**TASK OBJECTIVE:** Output each line exactly as written, from the first line of the records to the line bearing "# Altium project VKF_Main.PrjPcb", inclusive, while leaving every picture out.
[Opening STORED DATA section]
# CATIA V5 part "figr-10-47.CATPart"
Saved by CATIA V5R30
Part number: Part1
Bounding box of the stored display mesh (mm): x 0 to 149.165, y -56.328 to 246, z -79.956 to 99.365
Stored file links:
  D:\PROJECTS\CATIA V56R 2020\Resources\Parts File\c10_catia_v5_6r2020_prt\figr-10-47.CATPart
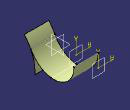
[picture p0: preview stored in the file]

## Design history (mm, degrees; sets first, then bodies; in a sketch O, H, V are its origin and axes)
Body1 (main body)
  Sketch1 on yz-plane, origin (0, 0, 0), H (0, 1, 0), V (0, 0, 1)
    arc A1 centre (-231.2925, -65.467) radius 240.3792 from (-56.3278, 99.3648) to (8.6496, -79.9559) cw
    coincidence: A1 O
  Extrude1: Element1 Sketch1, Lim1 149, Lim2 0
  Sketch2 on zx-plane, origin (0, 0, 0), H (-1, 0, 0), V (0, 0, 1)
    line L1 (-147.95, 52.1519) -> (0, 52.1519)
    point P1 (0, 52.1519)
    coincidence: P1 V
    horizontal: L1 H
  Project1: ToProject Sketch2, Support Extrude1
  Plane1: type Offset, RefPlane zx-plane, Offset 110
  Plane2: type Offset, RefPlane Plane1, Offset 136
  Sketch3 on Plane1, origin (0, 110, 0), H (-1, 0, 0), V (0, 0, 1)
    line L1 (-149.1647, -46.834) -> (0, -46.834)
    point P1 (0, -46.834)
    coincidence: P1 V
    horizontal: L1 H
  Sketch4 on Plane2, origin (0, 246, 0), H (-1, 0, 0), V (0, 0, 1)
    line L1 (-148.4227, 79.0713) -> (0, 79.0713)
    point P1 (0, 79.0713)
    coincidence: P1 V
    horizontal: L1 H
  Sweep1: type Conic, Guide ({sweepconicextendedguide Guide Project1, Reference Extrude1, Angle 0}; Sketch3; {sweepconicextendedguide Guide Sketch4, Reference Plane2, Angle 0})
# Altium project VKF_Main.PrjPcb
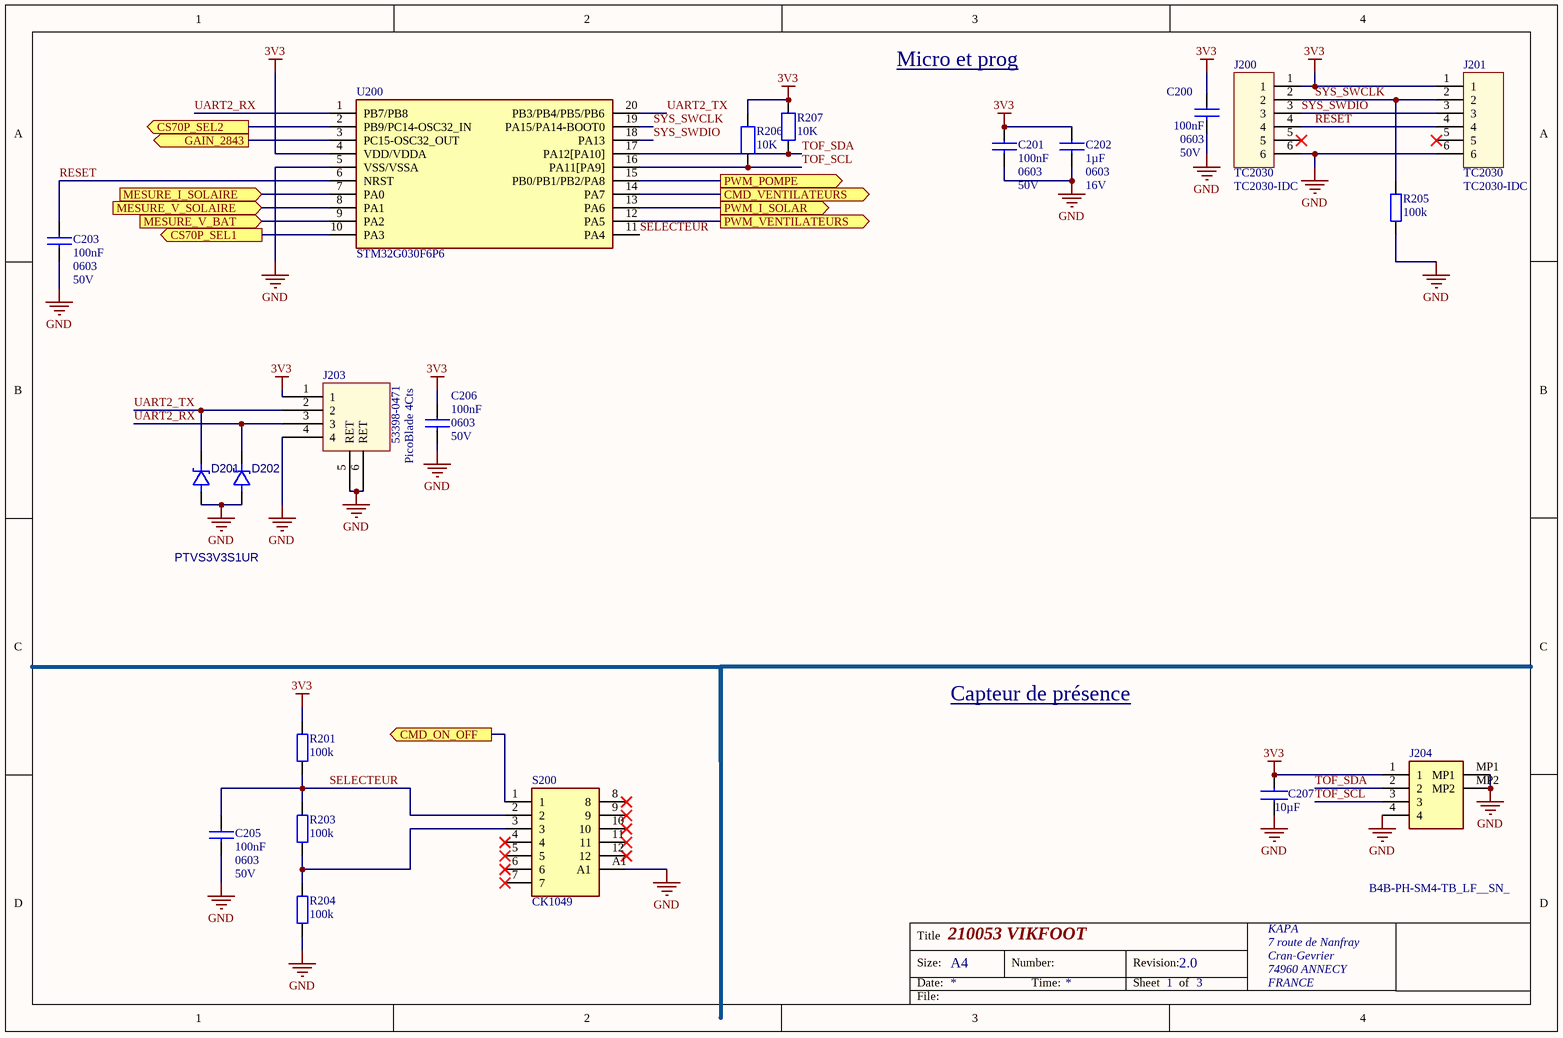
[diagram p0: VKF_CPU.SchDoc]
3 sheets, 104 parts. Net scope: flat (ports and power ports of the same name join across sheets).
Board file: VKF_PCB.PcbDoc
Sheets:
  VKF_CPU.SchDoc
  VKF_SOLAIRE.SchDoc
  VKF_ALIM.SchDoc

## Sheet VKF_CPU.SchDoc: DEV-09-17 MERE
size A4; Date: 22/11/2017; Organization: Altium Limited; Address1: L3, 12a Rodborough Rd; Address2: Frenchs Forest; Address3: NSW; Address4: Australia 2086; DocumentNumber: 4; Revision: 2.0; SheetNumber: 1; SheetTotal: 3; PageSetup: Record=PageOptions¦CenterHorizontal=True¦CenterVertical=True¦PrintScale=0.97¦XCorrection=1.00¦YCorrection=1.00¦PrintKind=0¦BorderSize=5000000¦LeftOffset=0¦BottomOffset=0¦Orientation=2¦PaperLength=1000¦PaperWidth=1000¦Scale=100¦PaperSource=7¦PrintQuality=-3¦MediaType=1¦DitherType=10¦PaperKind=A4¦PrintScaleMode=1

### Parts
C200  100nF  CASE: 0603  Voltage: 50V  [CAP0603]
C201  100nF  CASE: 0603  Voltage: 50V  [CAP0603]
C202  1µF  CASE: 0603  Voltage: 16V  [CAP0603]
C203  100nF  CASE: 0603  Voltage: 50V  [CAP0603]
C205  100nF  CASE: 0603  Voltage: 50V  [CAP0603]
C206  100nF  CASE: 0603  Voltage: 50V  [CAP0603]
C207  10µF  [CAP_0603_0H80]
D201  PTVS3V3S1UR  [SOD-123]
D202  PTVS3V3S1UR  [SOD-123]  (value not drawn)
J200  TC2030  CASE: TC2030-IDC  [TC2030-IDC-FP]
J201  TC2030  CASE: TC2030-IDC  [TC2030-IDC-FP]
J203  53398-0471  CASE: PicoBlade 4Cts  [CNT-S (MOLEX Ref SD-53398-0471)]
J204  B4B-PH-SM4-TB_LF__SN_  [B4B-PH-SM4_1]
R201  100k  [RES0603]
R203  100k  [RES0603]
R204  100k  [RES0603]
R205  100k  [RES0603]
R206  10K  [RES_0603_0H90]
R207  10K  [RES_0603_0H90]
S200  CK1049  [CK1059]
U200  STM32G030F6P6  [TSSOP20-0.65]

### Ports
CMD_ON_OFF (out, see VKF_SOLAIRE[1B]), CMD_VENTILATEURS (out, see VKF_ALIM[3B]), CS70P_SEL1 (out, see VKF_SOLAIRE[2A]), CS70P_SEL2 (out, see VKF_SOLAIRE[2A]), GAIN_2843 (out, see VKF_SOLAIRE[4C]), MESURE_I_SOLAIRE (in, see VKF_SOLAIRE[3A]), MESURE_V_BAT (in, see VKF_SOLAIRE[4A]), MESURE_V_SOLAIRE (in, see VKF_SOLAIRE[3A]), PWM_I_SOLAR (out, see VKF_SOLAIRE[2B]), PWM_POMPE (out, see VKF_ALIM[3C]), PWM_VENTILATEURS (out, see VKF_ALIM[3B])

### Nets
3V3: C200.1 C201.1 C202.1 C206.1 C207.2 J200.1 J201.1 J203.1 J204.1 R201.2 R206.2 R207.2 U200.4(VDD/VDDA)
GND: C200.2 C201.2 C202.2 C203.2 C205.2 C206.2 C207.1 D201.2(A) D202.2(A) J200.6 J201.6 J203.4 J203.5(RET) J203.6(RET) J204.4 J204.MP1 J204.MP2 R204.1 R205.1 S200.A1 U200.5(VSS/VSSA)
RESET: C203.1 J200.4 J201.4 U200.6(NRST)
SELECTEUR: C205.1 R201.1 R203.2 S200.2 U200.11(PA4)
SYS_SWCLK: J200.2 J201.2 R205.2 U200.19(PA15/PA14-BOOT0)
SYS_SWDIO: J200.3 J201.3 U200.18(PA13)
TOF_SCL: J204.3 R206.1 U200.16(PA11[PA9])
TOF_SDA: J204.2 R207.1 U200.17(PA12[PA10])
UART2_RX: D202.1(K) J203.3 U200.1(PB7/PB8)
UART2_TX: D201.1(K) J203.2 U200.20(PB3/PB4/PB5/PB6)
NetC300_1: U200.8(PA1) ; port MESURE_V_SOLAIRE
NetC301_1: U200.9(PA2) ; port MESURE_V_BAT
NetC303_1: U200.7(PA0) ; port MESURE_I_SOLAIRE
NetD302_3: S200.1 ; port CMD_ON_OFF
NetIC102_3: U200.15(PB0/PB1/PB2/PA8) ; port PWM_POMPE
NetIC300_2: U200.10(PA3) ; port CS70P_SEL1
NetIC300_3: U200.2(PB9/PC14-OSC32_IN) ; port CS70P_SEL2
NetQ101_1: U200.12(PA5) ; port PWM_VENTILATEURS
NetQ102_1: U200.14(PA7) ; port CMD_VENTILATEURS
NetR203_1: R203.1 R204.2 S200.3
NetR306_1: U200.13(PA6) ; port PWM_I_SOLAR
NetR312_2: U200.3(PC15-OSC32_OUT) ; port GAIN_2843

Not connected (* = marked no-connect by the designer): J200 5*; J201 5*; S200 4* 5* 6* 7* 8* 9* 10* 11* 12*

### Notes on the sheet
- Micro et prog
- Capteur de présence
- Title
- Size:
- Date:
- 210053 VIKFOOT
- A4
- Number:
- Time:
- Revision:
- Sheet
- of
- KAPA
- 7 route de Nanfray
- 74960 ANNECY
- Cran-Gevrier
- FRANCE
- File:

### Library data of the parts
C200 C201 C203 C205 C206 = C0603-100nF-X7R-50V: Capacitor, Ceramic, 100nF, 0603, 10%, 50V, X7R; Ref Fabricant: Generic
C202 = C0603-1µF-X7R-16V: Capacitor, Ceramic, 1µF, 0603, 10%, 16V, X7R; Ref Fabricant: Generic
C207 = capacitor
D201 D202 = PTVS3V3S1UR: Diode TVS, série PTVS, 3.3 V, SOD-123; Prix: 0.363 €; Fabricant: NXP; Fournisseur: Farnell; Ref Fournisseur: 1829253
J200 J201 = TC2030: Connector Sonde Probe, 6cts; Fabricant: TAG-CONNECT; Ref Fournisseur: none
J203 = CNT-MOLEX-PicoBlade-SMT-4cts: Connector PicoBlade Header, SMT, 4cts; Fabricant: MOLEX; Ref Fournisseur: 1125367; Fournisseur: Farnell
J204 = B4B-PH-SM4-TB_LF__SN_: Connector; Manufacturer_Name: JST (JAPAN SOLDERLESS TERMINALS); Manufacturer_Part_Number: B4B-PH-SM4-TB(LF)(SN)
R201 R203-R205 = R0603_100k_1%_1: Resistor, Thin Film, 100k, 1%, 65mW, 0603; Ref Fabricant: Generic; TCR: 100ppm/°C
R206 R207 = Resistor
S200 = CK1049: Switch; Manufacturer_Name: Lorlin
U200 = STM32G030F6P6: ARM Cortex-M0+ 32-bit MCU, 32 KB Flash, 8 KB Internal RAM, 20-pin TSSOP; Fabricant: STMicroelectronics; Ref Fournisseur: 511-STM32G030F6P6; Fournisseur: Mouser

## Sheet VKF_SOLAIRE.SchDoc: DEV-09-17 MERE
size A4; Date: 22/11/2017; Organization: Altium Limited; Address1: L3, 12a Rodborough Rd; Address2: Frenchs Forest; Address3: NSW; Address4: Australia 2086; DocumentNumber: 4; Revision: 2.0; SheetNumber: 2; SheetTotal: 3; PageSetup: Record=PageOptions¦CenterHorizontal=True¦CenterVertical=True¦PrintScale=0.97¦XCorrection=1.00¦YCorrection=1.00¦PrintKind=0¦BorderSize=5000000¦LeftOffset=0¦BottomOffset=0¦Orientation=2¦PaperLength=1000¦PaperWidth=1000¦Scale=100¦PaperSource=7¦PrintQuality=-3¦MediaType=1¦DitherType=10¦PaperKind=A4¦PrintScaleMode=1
[Closing STORED DATA section]
**RESULT OF THIS EXERCISE:**
# CATIA V5 part "figr-10-47.CATPart"
Saved by CATIA V5R30
Part number: Part1
Bounding box of the stored display mesh (mm): x 0 to 149.165, y -56.328 to 246, z -79.956 to 99.365
Stored file links:
  D:\PROJECTS\CATIA V56R 2020\Resources\Parts File\c10_catia_v5_6r2020_prt\figr-10-47.CATPart
[picture p0: preview stored in the file]

## Design history (mm, degrees; sets first, then bodies; in a sketch O, H, V are its origin and axes)
Body1 (main body)
  Sketch1 on yz-plane, origin (0, 0, 0), H (0, 1, 0), V (0, 0, 1)
    arc A1 centre (-231.2925, -65.467) radius 240.3792 from (-56.3278, 99.3648) to (8.6496, -79.9559) cw
    coincidence: A1 O
  Extrude1: Element1 Sketch1, Lim1 149, Lim2 0
  Sketch2 on zx-plane, origin (0, 0, 0), H (-1, 0, 0), V (0, 0, 1)
    line L1 (-147.95, 52.1519) -> (0, 52.1519)
    point P1 (0, 52.1519)
    coincidence: P1 V
    horizontal: L1 H
  Project1: ToProject Sketch2, Support Extrude1
  Plane1: type Offset, RefPlane zx-plane, Offset 110
  Plane2: type Offset, RefPlane Plane1, Offset 136
  Sketch3 on Plane1, origin (0, 110, 0), H (-1, 0, 0), V (0, 0, 1)
    line L1 (-149.1647, -46.834) -> (0, -46.834)
    point P1 (0, -46.834)
    coincidence: P1 V
    horizontal: L1 H
  Sketch4 on Plane2, origin (0, 246, 0), H (-1, 0, 0), V (0, 0, 1)
    line L1 (-148.4227, 79.0713) -> (0, 79.0713)
    point P1 (0, 79.0713)
    coincidence: P1 V
    horizontal: L1 H
  Sweep1: type Conic, Guide ({sweepconicextendedguide Guide Project1, Reference Extrude1, Angle 0}; Sketch3; {sweepconicextendedguide Guide Sketch4, Reference Plane2, Angle 0})
# Altium project VKF_Main.PrjPcb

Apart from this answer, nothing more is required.